I am writing to raise an issue about the broyden method. My environment is python=3.8 + torch=1.9.0 (which I fear might be too high). I attach an example code and the error below. Any help would be appreciated!

from scipy.optimize import root
import time
from termcolor import colored
import torch
import torch.nn as nn
import torch.nn.functional as F
from torch.nn import Parameter


device = torch.device("cuda:0" if torch.cuda.is_available() else "cpu")

# toy network
class ResNetLayer(nn.Module):
    def __init__(self):
        super(ResNetLayer, self).__init__()
        self.conv1 = nn.Conv2d(3, 9, 3, padding=3//2)
        self.conv2 = nn.Conv2d(9, 3, 5, padding=5//2)
        
    def forward(self, z, x):
        y = F.relu(self.conv1(z))
        return F.relu(z + F.relu(x + self.conv2(y)))



def _safe_norm(v):
    if not torch.isfinite(v).all():
        return np.inf
    return torch.norm(v)


def scalar_search_armijo(phi, phi0, derphi0, c1=1e-4, alpha0=1, amin=0):
    ite = 0
    phi_a0 = phi(alpha0)    # First do an update with step size 1
    if phi_a0 <= phi0 + c1*alpha0*derphi0:
        return alpha0, phi_a0, ite

    # Otherwise, compute the minimizer of a quadratic interpolant
    alpha1 = -(derphi0) * alpha0**2 / 2.0 / (phi_a0 - phi0 - derphi0 * alpha0)
    phi_a1 = phi(alpha1)

    # Otherwise loop with cubic interpolation until we find an alpha which
    # satisfies the first Wolfe condition (since we are backtracking, we will
    # assume that the value of alpha is not too small and satisfies the second
    # condition.
    while alpha1 > amin:       # we are assuming alpha>0 is a descent direction
        factor = alpha0**2 * alpha1**2 * (alpha1-alpha0)
        a = alpha0**2 * (phi_a1 - phi0 - derphi0*alpha1) - \
            alpha1**2 * (phi_a0 - phi0 - derphi0*alpha0)
        a = a / factor
        b = -alpha0**3 * (phi_a1 - phi0 - derphi0*alpha1) + \
            alpha1**3 * (phi_a0 - phi0 - derphi0*alpha0)
        b = b / factor

        alpha2 = (-b + torch.sqrt(torch.abs(b**2 - 3 * a * derphi0))) / (3.0*a)
        phi_a2 = phi(alpha2)
        ite += 1

        if (phi_a2 <= phi0 + c1*alpha2*derphi0):
            return alpha2, phi_a2, ite

        if (alpha1 - alpha2) > alpha1 / 2.0 or (1 - alpha2/alpha1) < 0.96:
            alpha2 = alpha1 / 2.0

        alpha0 = alpha1
        alpha1 = alpha2
        phi_a0 = phi_a1
        phi_a1 = phi_a2

    # Failed to find a suitable step length
    return None, phi_a1, ite


def line_search(update, x0, g0, g, nstep=0, on=True):
    """
    `update` is the propsoed direction of update.
    Code adapted from scipy.
    """
    tmp_s = [0]
    tmp_g0 = [g0]
    tmp_phi = [torch.norm(g0)**2]
    s_norm = torch.norm(x0) / torch.norm(update)

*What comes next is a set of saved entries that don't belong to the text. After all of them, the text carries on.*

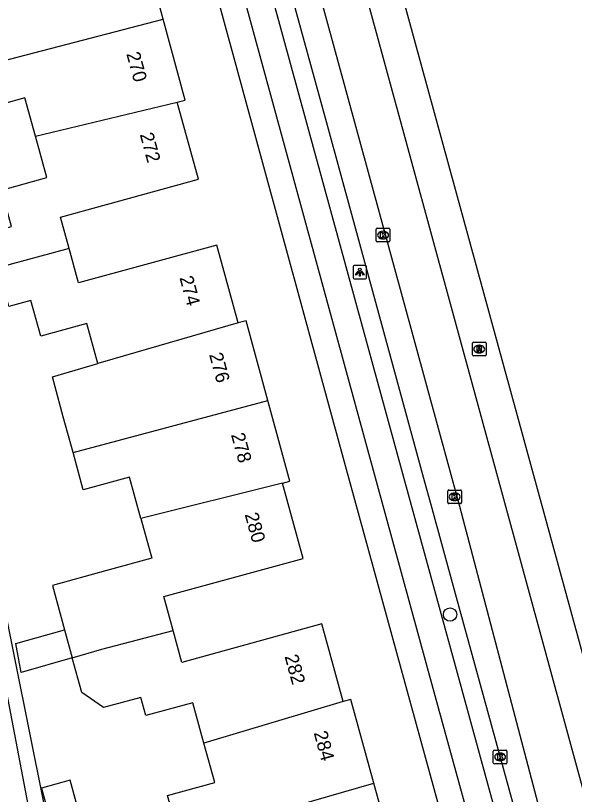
# Model space of a CAD drawing. Extents: x 162250 to 162654, y 380744 to 381605.
# Drawn here: x 162544.6 to 162585.6, y 381043.1 to 381100.2 of the extents above; entities that cross this region are included whole.
import ezdxf

# ---------------------------------------------------------------- set-up
doc = ezdxf.new("R2010")
doc.units = 0
for name, color, linetype in [('IMGEO_Boom', 7, 'Continuous'), ('IMGEO_Fietspad_gesloten', 7, 'Continuous'), ('IMGEO_Kolk', 7, 'Continuous'), ('IMGEO_Lichtpunt', 7, 'Continuous'), ('IMGEO_Pand', 7, 'Continuous'), ('IMGEO_Pand_nummerreeks', 7, 'Continuous'), ('IMGEO_Parkeervlak_open', 7, 'Continuous'), ('IMGEO_Rijbaan_regionaal_gesloten', 7, 'Continuous'), ('IMGEO_Rioolput', 7, 'Continuous'), ('IMGEO_Voetpad_open', 7, 'Continuous')]:
    doc.layers.add(name, color=color, linetype=linetype)

msp = doc.modelspace()

# ---------------------------------------------------------------- linework, layer by layer
at = {"layer": 'IMGEO_Boom'}
msp.add_circle((162576.468, 381056.326), 0.489, dxfattribs=at)
at = {"layer": 'IMGEO_Fietspad_gesloten'}
for points in [[(162536.398, 381200.372), (162539.144, 381190.342), (162540.943, 381183.77), (162548.984, 381154.395), (162551.592, 381144.84), (162551.645, 381144.647), (162554.806, 381133.124), (162560.736, 381111.446), (162562.992, 381103.198), (162573.052, 381066.398), (162577.335, 381050.801), (162584.526, 381024.553), (162587.309, 381014.367), (162588.433, 381010.254), (162590.219, 381003.716), (162603.154, 380956.316), (162606.977, 380942.372), (162608.338, 380937.386), (162611.747, 380924.889), (162613.149, 380919.833), (162613.482, 380918.571)], [(162626.231, 380864.638), (162619.54, 380889.111), (162611.456, 380918.623), (162600.985, 380956.955), (162588.336, 381003.241), (162586.64, 381009.407), (162585.413, 381013.87), (162582.804, 381023.355), (162575.392, 381050.363), (162571.085, 381066.091), (162561.27, 381101.934), (162558.72, 381111.249), (162552.836, 381132.744), (162549.852, 381143.643)]]:
    msp.add_lwpolyline(points, dxfattribs=at)
at = {"layer": 'IMGEO_Kolk'}
for p, q in [((162571.063, 381083.72), (162571.063, 381084.572)), ((162571.138, 381084.646), (162571.99, 381084.646)), ((162571.551, 381084.426), (162571.576, 381084.426)), ((162572.064, 381084.572), (162572.064, 381083.72)), ((162571.574, 381083.866), (162571.549, 381083.866)), ((162571.99, 381083.646), (162571.138, 381083.646)), ((162576.306, 381064.532), (162576.306, 381065.384)), ((162576.381, 381065.458), (162577.233, 381065.458)), ((162576.794, 381065.238), (162576.819, 381065.238)), ((162577.307, 381065.384), (162577.307, 381064.532)), ((162577.233, 381064.458), (162576.381, 381064.458)), ((162576.817, 381064.678), (162576.792, 381064.678)), ((162579.643, 381045.459), (162579.643, 381046.311)), ((162579.718, 381046.385), (162580.57, 381046.385)), ((162580.131, 381046.165), (162580.156, 381046.165)), ((162580.644, 381046.311), (162580.644, 381045.459)), ((162580.154, 381045.605), (162580.129, 381045.605)), ((162580.57, 381045.385), (162579.718, 381045.385))]:
    msp.add_line(p, q, dxfattribs=at)
for points in [[(162571.063, 381083.72), (162571.063, 381084.572)], [(162571.138, 381084.646), (162571.99, 381084.646)], [(162572.064, 381084.572), (162572.064, 381083.72)], [(162571.384, 381084.346), (162571.507, 381084.346), (162571.507, 381084.195), (162571.637, 381084.346), (162571.801, 381084.346), (162571.655, 381084.195), (162571.808, 381083.946), (162571.656, 381083.946), (162571.571, 381084.11), (162571.507, 381084.043), (162571.507, 381083.946), (162571.384, 381083.946), (162571.384, 381084.346)], [(162571.99, 381083.646), (162571.138, 381083.646)], [(162576.306, 381064.532), (162576.306, 381065.384)], [(162576.381, 381065.458), (162577.233, 381065.458)], [(162576.627, 381065.158), (162576.75, 381065.158), (162576.75, 381065.007), (162576.88, 381065.158), (162577.044, 381065.158), (162576.898, 381065.007), (162577.051, 381064.758), (162576.899, 381064.758), (162576.814, 381064.922), (162576.75, 381064.855), (162576.75, 381064.758), (162576.627, 381064.758), (162576.627, 381065.158)], [(162577.307, 381065.384), (162577.307, 381064.532)], [(162577.233, 381064.458), (162576.381, 381064.458)], [(162579.643, 381045.459), (162579.643, 381046.311)], [(162579.718, 381046.385), (162580.57, 381046.385)], [(162580.644, 381046.311), (162580.644, 381045.459)], [(162579.964, 381046.085), (162580.087, 381046.085), (162580.087, 381045.934), (162580.217, 381046.085), (162580.381, 381046.085), (162580.235, 381045.934), (162580.388, 381045.685), (162580.236, 381045.685), (162580.151, 381045.849), (162580.087, 381045.782), (162580.087, 381045.685), (162579.964, 381045.685), (162579.964, 381046.085)], [(162580.57, 381045.385), (162579.718, 381045.385)]]:
    msp.add_lwpolyline(points, dxfattribs=at)
for centre, start, end in [((162571.14, 381084.57), 91.552, 178.448), ((162571.14, 381084.57), 91.552, 178.448), ((162571.988, 381084.57), 1.552, 88.448), ((162571.988, 381084.57), 1.552, 88.448), ((162571.14, 381083.722), 181.552, 268.448), ((162571.14, 381083.722), 181.552, 268.448), ((162571.988, 381083.722), 271.552, 358.448), ((162571.988, 381083.722), 271.552, 358.448), ((162576.383, 381065.382), 91.552, 178.448), ((162576.383, 381065.382), 91.552, 178.448), ((162577.231, 381065.382), 1.552, 88.448), ((162577.231, 381065.382), 1.552, 88.448), ((162576.383, 381064.534), 181.552, 268.448), ((162576.383, 381064.534), 181.552, 268.448), ((162577.231, 381064.534), 271.552, 358.448), ((162577.231, 381064.534), 271.552, 358.448), ((162579.72, 381046.309), 91.552, 178.448), ((162579.72, 381046.309), 91.552, 178.448), ((162580.568, 381046.309), 1.552, 88.448), ((162580.568, 381046.309), 1.552, 88.448), ((162579.72, 381045.461), 181.552, 268.448), ((162579.72, 381045.461), 181.552, 268.448), ((162580.568, 381045.461), 271.552, 358.448), ((162580.568, 381045.461), 271.552, 358.448)]:
    msp.add_arc(centre, 0.0765, start, end, dxfattribs=at)
for centre, major_axis, ratio, start_param, end_param in [((162571.55, 381084.146), (-0.387, 0.002), 0.722429, 4.712389, 7.853982), ((162571.575, 381084.146), (-0.39, 0.002), 0.717154, 1.570796, 4.712389), ((162576.793, 381064.958), (-0.387, 0.002), 0.722429, 4.712389, 7.853982), ((162576.818, 381064.958), (-0.39, 0.002), 0.717154, 1.570796, 4.712389), ((162580.13, 381045.885), (-0.387, 0.002), 0.722429, 4.712389, 7.853982), ((162580.155, 381045.885), (-0.39, 0.002), 0.717154, 1.570796, 4.712389)]:
    msp.add_ellipse(centre, major_axis=major_axis, ratio=ratio, start_param=start_param, end_param=end_param, dxfattribs=at)
at = {"layer": 'IMGEO_Lichtpunt'}
for p, q in [((162569.359, 381081.832), (162569.359, 381081.025)), ((162569.359, 381081.832), (162569.359, 381081.025)), ((162570.261, 381081.927), (162569.453, 381081.927)), ((162570.261, 381081.927), (162569.453, 381081.927)), ((162570.355, 381081.025), (162570.355, 381081.832)), ((162570.355, 381081.025), (162570.355, 381081.832)), ((162569.453, 381080.931), (162570.261, 381080.931)), ((162569.453, 381080.931), (162570.261, 381080.931))]:
    msp.add_line(p, q, dxfattribs=at)
for points in [[(162569.733, 381081.496), (162569.772, 381081.468), (162569.584, 381081.206), (162569.546, 381081.233), (162569.733, 381081.496)], [(162569.835, 381081.448), (162569.882, 381081.448), (162569.882, 381081.126), (162569.835, 381081.126), (162569.835, 381081.448)], [(162569.945, 381081.468), (162569.983, 381081.495), (162570.17, 381081.233), (162570.131, 381081.205), (162569.945, 381081.468)]]:
    msp.add_lwpolyline(points, dxfattribs=at)
msp.add_circle((162569.858, 381081.63), 0.0994, dxfattribs=at)
for centre, start, end in [((162569.453, 381081.832), 90, 180), ((162569.453, 381081.832), 90, 180), ((162570.261, 381081.832), 0, 90), ((162570.261, 381081.832), 0, 90), ((162569.453, 381081.025), 180, 270), ((162569.453, 381081.025), 180, 270), ((162570.261, 381081.025), 270, 0), ((162570.261, 381081.025), 270, 360)]:
    msp.add_arc(centre, 0.0946, start, end, dxfattribs=at)
at = {"layer": 'IMGEO_Pand'}
for points in [[(162555.439, 381099.973), (162553.915, 381105.543)], [(162541.231, 381096.275), (162555.439, 381099.973)], [(162556.474, 381093.882), (162557.061, 381094.043), (162555.439, 381099.973)], [(162546.076, 381091.407), (162545.31, 381094.206), (162542.041, 381093.312), (162541.825, 381094.103)], [(162546.076, 381091.407), (162556.474, 381093.882)], [(162548.545, 381083.169), (162547.915, 381085.473), (162558.019, 381088.236), (162556.474, 381093.882)], [(162543.338, 381081.751), (162539.472, 381080.698), (162538.769, 381083.264), (162542.634, 381084.323), (162544.31, 381084.782), (162543.58, 381087.45), (162546.909, 381088.36), (162546.076, 381091.407)], [(162560.935, 381077.702), (162559.372, 381083.419), (162549.235, 381080.647), (162548.545, 381083.169)], [(162548.545, 381083.169), (162544.122, 381081.964), (162543.338, 381081.751)], [(162550.658, 381074.726), (162549.856, 381077.659), (162546.462, 381076.731), (162545.743, 381079.357), (162544.114, 381078.912), (162543.338, 381081.751)], [(162560.935, 381077.702), (162551.76, 381075.045), (162550.658, 381074.726)], [(162563.119, 381072.025), (162561.523, 381077.861), (162560.935, 381077.702)], [(162548.835, 381068.201), (162548.121, 381070.812), (162547.315, 381073.758), (162550.658, 381074.726)], [(162548.835, 381068.201), (162563.119, 381072.025)], [(162564.181, 381065.963), (162564.736, 381066.115), (162563.119, 381072.025)], [(162553.801, 381063.367), (162552.969, 381066.408), (162549.579, 381065.481), (162548.835, 381068.201)], [(162564.181, 381065.963), (162553.801, 381063.367)], [(162556.178, 381055.147), (162555.492, 381057.653), (162565.692, 381060.447), (162564.181, 381065.963)], [(162553.801, 381063.367), (162554.598, 381060.451), (162551.217, 381059.526), (162547.319, 381058.46), (162548.208, 381055.212)], [(162568.637, 381049.954), (162567.082, 381055.635), (162556.815, 381052.823), (162556.178, 381055.147)], [(162548.77, 381053.157), (162545.02, 381052.083), (162544.646, 381054.192), (162548.208, 381055.212)], [(162548.208, 381055.212), (162548.77, 381053.157)], [(162548.77, 381053.157), (162550.938, 381053.778), (162556.178, 381055.147)], [(162558.423, 381046.902), (162557.612, 381049.866), (162554.168, 381048.924), (162553.804, 381050.253), (162551.065, 381049.503), (162549.468, 381050.604), (162548.77, 381053.157)], [(162568.637, 381049.954), (162558.423, 381046.902)], [(162570.878, 381043.971), (162569.197, 381050.108), (162568.637, 381049.954)], [(162556.556, 381040.18), (162555.768, 381043.062), (162559.216, 381044.005), (162558.423, 381046.902)], [(162546.517, 381043.608), (162547.768, 381039.032), (162549.88, 381039.609), (162548.629, 381044.186), (162546.517, 381043.608)], [(162556.556, 381040.18), (162556.744, 381040.233), (162556.829, 381039.919), (162570.878, 381043.971)], [(162571.849, 381038.288), (162572.393, 381038.437), (162570.878, 381043.971)]]:
    msp.add_lwpolyline(points, dxfattribs=at)
at = {"layer": 'IMGEO_Parkeervlak_open'}
msp.add_lwpolyline([(162582.831, 381036.134), (162576.877, 381057.835), (162575.087, 381064.36), (162574.627, 381066.044), (162569.261, 381085.65), (162567.483, 381092.185), (162564.577, 381102.79)], dxfattribs=at)
at = {"layer": 'IMGEO_Rijbaan_regionaal_gesloten'}
for points in [[(162571.442, 381107.069), (162572.292, 381104.139), (162600.62, 381000.709)], [(162565.639, 381106.468), (162577.173, 381064.266), (162584.449, 381036.623)], [(162598.128, 380999.927), (162593.627, 381016.375), (162570.083, 381102.662), (162569.2, 381106.245)]]:
    msp.add_lwpolyline(points, dxfattribs=at)
at = {"layer": 'IMGEO_Rioolput'}
for p, q in [((162578.107, 381075.363), (162578.107, 381076.215)), ((162578.182, 381076.289), (162579.034, 381076.289)), ((162578.595, 381076.069), (162578.62, 381076.069)), ((162579.108, 381076.215), (162579.108, 381075.363)), ((162579.034, 381075.289), (162578.182, 381075.289)), ((162578.618, 381075.509), (162578.593, 381075.509))]:
    msp.add_line(p, q, dxfattribs=at)
for points in [[(162578.107, 381075.363), (162578.107, 381076.215)], [(162578.182, 381076.289), (162579.034, 381076.289)], [(162578.696, 381075.987), (162578.444, 381075.989), (162578.444, 381075.589)], [(162578.622, 381075.908), (162578.568, 381075.908), (162578.568, 381075.827)], [(162578.568, 381075.827), (162578.62, 381075.827)], [(162579.108, 381076.215), (162579.108, 381075.363)], [(162579.034, 381075.289), (162578.182, 381075.289)], [(162578.444, 381075.589), (162578.568, 381075.589), (162578.568, 381075.751), (162578.579, 381075.751)], [(162578.626, 381075.722), (162578.697, 381075.589), (162578.837, 381075.589), (162578.772, 381075.715)]]:
    msp.add_lwpolyline(points, dxfattribs=at)
for centre, radius, start, end in [((162578.184, 381076.213), 0.0765, 91.552, 178.448), ((162578.184, 381076.213), 0.0765, 91.552, 178.448), ((162578.604, 381076.016), 0.19, 274.7715, 282.9687), ((162578.628, 381075.812), 0.0964, 77.0061, 93.1865), ((162578.642, 381075.869), 0.0378, 276.6634, 79.6772), ((162578.695, 381075.877), 0.109, 350.3612, 89.416), ((162578.693, 381075.877), 0.112, 277.5842, 350.9817), ((162579.032, 381076.213), 0.0765, 1.552, 88.448), ((162579.032, 381076.213), 0.0765, 1.552, 88.448), ((162578.184, 381075.365), 0.0765, 181.552, 268.448), ((162578.184, 381075.365), 0.0765, 181.552, 268.448), ((162578.578, 381075.698), 0.0533, 26.0293, 88.6989), ((162578.677, 381075.662), 0.108, 29.5134, 73.7905), ((162579.032, 381075.365), 0.0765, 271.552, 358.448), ((162579.032, 381075.365), 0.0765, 271.552, 358.448)]:
    msp.add_arc(centre, radius, start, end, dxfattribs=at)
for centre, major_axis, ratio, start_param, end_param in [((162578.594, 381075.789), (-0.387, 0.002), 0.722429, 4.712389, 7.853982), ((162578.619, 381075.789), (-0.39, 0.002), 0.717154, 1.570796, 4.712389)]:
    msp.add_ellipse(centre, major_axis=major_axis, ratio=ratio, start_param=start_param, end_param=end_param, dxfattribs=at)
at = {"layer": 'IMGEO_Voetpad_open'}
for points in [[(162548.044, 381143.201), (162550.23, 381135.191), (162568.771, 381067.243), (162583.561, 381013.383), (162590.707, 380987.36)], [(162548.818, 381031.958), (162533.885, 381106.188)], [(162543.553, 381052.67), (162545.431, 381042.907), (162551.707, 381011.128)]]:
    msp.add_lwpolyline(points, dxfattribs=at)

# ---------------------------------------------------------------- texts
at = {"layer": 'IMGEO_Pand_nummerreeks'}
for s, rotation, p in [('270', 285.2978, (162552.732, 381097.437)), ('272', 285.3035, (162553.718, 381091.526)), ('274', 285.2978, (162556.627, 381081.024)), ('276', 285.2978, (162558.799, 381075.388)), ('278', 285.2984, (162560.406, 381069.512)), ('280', 285.3207, (162561.41, 381063.665)), ('282', 285.308, (162564.331, 381053.261)), ('284', 285.3145, (162566.468, 381047.653))]:
    msp.add_text(s, height=1, rotation=rotation, dxfattribs=at).set_placement(p)

doc.saveas('drawing.dxf')

    def phi(s, store=True):
        if s == tmp_s[0]:
            return tmp_phi[0]    # If the step size is so small... just return something
        x_est = x0 + s * update
        g0_new = g(x_est)
        phi_new = _safe_norm(g0_new)**2
        if store:
            tmp_s[0] = s
            tmp_g0[0] = g0_new
            tmp_phi[0] = phi_new
        return phi_new
    
    if on:
        s, phi1, ite = scalar_search_armijo(phi, tmp_phi[0], -tmp_phi[0], amin=1e-2)
    if (not on) or s is None:
        s = 1.0
        ite = 0

    x_est = x0 + s * update
    if s == tmp_s[0]:
        g0_new = tmp_g0[0]
    else:
        g0_new = g(x_est)
    return x_est, g0_new, x_est - x0, g0_new - g0, ite

def rmatvec(part_Us, part_VTs, x):
    # Compute x^T(-I + UV^T)
    # x: (N, 2d, L')
    # part_Us: (N, 2d, L', threshold)
    # part_VTs: (N, threshold, 2d, L')
    if part_Us.nelement() == 0:
        return -x
    xTU = torch.einsum('bij, bijd -> bd', x, part_Us)   # (N, threshold)
    return -x + torch.einsum('bd, bdij -> bij', xTU, part_VTs)    # (N, 2d, L'), but should really be (N, 1, (2d*L'))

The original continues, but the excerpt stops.